The function bootstrap()
returns a bootstrap sample of an input vector. We then use replicate()
to calculate the mean of 1,000 bootstrap samples (Here the sample mean is our bootstrap statistic).
bootstrap <- function(vect){
n <- length(vect)
bootstrap_indices <- sample(x = 1:n, size = n, replace = TRUE)
vect[bootstrap_indices]
}
bootstrapped_sample_means <- replicate(n = 1E3, expr = mean(bootstrap(sample_data)))
Recall that statistical theory tells us that the standard deviation of the mean should be \(\frac{5}{\sqrt{10000}} = .05\).

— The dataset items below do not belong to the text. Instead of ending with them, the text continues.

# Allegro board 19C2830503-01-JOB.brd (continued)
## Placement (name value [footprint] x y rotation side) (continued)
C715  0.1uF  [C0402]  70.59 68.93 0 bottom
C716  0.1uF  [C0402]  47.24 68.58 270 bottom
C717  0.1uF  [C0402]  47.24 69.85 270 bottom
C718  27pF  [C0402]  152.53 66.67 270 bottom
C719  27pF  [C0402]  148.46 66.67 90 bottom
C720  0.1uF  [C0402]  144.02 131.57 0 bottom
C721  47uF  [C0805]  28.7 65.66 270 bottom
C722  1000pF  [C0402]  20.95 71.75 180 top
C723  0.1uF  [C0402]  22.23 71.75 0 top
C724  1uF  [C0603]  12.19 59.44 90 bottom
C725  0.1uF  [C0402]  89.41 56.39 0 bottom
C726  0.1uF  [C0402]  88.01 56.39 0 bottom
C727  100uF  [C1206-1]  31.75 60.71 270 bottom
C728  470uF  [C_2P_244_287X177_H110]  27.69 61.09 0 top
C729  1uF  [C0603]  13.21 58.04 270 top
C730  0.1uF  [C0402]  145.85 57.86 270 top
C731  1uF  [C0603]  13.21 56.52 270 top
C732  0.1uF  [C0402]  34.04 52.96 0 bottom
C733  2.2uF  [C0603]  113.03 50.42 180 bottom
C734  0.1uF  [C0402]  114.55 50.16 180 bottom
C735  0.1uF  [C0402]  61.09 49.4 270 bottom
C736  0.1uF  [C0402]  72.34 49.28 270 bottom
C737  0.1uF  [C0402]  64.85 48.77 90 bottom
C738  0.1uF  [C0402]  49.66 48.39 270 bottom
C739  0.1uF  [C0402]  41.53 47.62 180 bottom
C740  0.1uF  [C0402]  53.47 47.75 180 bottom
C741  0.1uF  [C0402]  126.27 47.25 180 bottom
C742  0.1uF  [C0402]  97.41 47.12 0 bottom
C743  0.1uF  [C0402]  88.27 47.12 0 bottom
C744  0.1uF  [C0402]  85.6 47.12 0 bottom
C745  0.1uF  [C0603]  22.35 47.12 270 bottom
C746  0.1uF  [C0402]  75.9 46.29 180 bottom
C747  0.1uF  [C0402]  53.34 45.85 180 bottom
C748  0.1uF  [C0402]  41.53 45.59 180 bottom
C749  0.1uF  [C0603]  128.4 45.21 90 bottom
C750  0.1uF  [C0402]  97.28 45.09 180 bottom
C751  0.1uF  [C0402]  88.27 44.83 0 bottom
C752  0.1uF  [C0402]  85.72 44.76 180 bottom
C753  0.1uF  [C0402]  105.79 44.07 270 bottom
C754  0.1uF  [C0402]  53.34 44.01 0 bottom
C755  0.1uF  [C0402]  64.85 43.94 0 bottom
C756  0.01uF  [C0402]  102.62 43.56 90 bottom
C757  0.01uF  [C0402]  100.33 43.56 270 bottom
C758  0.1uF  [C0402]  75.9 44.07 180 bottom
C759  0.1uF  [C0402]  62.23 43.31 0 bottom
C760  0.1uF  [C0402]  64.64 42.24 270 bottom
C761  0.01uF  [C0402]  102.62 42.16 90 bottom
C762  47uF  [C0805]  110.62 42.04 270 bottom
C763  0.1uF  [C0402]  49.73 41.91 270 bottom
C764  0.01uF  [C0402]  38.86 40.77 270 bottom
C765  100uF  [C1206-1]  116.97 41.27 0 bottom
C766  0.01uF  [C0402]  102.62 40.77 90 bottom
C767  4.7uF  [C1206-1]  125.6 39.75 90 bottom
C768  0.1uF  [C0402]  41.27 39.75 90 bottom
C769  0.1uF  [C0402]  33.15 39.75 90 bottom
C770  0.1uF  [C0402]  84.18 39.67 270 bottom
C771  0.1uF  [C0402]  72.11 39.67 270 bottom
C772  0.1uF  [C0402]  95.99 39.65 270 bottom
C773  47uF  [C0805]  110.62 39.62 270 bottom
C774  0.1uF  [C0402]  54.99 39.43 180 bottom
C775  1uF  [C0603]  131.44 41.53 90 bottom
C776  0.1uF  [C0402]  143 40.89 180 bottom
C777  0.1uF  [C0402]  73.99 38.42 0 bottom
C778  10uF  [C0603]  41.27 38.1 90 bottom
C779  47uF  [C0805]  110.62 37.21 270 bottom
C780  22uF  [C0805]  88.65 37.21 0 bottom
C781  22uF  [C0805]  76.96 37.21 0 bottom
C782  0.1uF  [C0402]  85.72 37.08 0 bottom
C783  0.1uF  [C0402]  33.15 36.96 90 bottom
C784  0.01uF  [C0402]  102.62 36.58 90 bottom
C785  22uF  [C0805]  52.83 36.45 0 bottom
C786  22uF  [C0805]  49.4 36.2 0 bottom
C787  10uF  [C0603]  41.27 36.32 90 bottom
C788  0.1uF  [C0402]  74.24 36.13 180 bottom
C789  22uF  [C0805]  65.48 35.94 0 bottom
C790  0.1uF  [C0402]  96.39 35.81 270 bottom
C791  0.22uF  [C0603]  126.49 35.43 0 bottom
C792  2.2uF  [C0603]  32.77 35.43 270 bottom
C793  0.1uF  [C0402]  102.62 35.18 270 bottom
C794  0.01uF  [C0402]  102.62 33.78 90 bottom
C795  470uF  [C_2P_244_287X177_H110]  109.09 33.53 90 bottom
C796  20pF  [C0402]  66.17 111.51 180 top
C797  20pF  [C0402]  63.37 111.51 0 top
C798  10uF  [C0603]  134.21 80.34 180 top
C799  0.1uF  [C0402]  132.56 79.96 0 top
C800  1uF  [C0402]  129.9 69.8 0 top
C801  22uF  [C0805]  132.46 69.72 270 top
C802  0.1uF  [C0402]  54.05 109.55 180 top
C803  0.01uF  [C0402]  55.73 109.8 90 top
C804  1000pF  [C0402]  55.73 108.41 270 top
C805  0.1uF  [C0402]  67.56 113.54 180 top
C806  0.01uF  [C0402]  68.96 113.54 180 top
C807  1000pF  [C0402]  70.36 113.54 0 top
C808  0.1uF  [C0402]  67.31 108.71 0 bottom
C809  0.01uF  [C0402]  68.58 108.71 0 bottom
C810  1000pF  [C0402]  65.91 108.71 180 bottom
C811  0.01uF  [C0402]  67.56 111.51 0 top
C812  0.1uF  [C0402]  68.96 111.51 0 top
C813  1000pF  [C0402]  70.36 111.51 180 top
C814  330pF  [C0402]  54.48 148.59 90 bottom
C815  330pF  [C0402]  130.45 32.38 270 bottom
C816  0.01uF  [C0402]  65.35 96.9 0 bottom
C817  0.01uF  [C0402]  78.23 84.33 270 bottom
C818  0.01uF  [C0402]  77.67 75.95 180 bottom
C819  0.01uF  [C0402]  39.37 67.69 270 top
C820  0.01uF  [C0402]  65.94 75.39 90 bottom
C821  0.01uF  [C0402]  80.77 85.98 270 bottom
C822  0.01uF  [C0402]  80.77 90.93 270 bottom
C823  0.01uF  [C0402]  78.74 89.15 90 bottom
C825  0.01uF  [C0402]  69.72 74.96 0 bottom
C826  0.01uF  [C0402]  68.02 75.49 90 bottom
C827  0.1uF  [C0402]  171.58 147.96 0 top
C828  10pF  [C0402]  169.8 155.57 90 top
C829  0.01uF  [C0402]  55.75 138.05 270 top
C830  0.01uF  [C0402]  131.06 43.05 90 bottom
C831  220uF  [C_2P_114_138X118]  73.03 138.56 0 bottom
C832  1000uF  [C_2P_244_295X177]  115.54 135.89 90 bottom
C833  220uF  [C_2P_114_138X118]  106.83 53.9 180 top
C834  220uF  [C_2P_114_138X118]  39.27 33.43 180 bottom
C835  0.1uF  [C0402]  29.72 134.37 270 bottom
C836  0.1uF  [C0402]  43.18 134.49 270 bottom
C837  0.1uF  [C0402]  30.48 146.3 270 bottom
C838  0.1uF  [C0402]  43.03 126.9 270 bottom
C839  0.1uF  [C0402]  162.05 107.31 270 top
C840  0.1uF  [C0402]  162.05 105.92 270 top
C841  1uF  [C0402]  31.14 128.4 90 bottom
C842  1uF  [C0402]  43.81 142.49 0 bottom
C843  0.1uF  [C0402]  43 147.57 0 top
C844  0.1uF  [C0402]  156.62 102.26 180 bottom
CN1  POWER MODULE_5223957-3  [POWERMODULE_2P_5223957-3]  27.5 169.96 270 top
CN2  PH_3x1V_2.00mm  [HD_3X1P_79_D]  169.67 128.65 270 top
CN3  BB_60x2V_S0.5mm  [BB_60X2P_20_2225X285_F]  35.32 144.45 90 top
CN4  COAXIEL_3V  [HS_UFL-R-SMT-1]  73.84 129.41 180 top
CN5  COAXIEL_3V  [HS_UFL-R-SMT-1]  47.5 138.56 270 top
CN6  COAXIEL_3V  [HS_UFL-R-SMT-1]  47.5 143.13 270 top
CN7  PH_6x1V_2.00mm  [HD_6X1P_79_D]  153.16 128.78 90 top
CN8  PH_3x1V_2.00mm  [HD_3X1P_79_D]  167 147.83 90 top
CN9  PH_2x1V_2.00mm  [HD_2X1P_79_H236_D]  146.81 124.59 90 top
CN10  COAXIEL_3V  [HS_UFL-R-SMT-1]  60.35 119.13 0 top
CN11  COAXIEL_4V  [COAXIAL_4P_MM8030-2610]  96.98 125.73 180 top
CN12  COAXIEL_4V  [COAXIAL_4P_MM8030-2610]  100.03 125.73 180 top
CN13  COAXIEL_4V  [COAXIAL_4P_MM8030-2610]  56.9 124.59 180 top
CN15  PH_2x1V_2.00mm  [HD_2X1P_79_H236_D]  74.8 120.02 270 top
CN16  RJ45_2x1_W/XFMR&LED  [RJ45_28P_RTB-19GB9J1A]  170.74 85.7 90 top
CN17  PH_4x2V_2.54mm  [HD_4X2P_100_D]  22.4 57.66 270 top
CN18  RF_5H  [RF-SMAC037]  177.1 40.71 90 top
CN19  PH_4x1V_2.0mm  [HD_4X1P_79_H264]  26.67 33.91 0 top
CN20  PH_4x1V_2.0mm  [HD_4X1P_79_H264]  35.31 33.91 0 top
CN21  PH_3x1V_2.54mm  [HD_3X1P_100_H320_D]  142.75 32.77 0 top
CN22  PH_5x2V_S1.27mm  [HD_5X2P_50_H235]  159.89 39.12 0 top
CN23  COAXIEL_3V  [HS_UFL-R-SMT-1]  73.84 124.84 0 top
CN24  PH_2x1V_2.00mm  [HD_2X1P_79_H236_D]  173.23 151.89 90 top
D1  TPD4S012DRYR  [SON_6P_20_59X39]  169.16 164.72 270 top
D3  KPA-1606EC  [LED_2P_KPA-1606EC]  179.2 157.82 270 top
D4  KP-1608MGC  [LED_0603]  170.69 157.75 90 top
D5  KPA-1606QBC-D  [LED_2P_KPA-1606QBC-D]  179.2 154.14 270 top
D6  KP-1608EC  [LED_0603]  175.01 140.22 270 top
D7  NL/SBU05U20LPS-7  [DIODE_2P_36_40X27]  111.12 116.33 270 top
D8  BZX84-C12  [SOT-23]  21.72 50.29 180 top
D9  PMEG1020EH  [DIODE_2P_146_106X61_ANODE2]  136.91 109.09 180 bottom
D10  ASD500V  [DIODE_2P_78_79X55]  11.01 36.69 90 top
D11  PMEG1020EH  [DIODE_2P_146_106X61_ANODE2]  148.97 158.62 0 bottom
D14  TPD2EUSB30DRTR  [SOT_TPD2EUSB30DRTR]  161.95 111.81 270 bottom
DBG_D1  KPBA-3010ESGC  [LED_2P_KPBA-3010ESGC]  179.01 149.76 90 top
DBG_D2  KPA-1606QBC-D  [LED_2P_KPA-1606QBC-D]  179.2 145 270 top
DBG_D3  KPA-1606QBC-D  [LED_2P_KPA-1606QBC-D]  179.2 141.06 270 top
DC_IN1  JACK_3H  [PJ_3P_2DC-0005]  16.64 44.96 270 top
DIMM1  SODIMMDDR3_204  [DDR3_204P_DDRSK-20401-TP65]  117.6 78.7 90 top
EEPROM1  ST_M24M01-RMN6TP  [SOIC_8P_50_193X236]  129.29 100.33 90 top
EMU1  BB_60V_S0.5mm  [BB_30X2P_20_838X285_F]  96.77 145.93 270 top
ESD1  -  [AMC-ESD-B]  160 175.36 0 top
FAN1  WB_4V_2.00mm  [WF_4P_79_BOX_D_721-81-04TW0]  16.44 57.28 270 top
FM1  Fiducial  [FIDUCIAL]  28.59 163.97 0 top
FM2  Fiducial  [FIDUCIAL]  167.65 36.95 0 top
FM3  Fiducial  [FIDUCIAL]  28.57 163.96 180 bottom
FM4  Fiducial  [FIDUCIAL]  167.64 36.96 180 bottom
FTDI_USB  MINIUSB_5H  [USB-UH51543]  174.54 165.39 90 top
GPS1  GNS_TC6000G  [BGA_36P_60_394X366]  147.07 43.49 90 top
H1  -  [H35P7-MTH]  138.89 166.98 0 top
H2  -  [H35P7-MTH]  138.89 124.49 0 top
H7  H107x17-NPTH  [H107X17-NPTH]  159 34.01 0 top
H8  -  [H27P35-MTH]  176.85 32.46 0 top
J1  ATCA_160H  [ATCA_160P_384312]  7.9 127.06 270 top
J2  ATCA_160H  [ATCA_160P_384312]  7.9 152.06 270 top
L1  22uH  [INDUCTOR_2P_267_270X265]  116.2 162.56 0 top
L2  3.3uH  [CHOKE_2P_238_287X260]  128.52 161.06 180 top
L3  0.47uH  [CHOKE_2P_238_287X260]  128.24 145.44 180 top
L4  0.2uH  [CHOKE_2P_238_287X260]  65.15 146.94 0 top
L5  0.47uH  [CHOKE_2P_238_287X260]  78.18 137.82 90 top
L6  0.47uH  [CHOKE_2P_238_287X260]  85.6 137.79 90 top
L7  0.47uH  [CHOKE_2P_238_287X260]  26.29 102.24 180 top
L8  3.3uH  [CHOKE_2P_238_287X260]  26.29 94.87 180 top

bootstrap_sd <- sd(bootstrapped_sample_means)
bootstrap_sd
## [1] 0.04953899
Our bootstrap estimate is within 0.92 percent of the theorized value.
Since this is a toy example, we know the actual distribution that our sample is drawn form. Thus, we can also estimate the standard deviation by drawing additional samples directly from the actual distribution. How well does our bootstrap estimate compare to this direct estimate?
repeated_direct_sample_means <- replicate(n = 1E3, expr = mean(rnorm(n = 1E4, mean = 100, sd = 5)))
direct_sd <- sd(repeated_direct_sample_means)
direct_sd
## [1] 0.04911771
Our bootstrap estimate is within 0.86 percent of the direct estimate.
Conclusions
In practice, it’s not always possible to collect additional data when we need it. In those situations, the bootstrap is a useful tool for estimating statistics that may otherwise be difficult to estimate.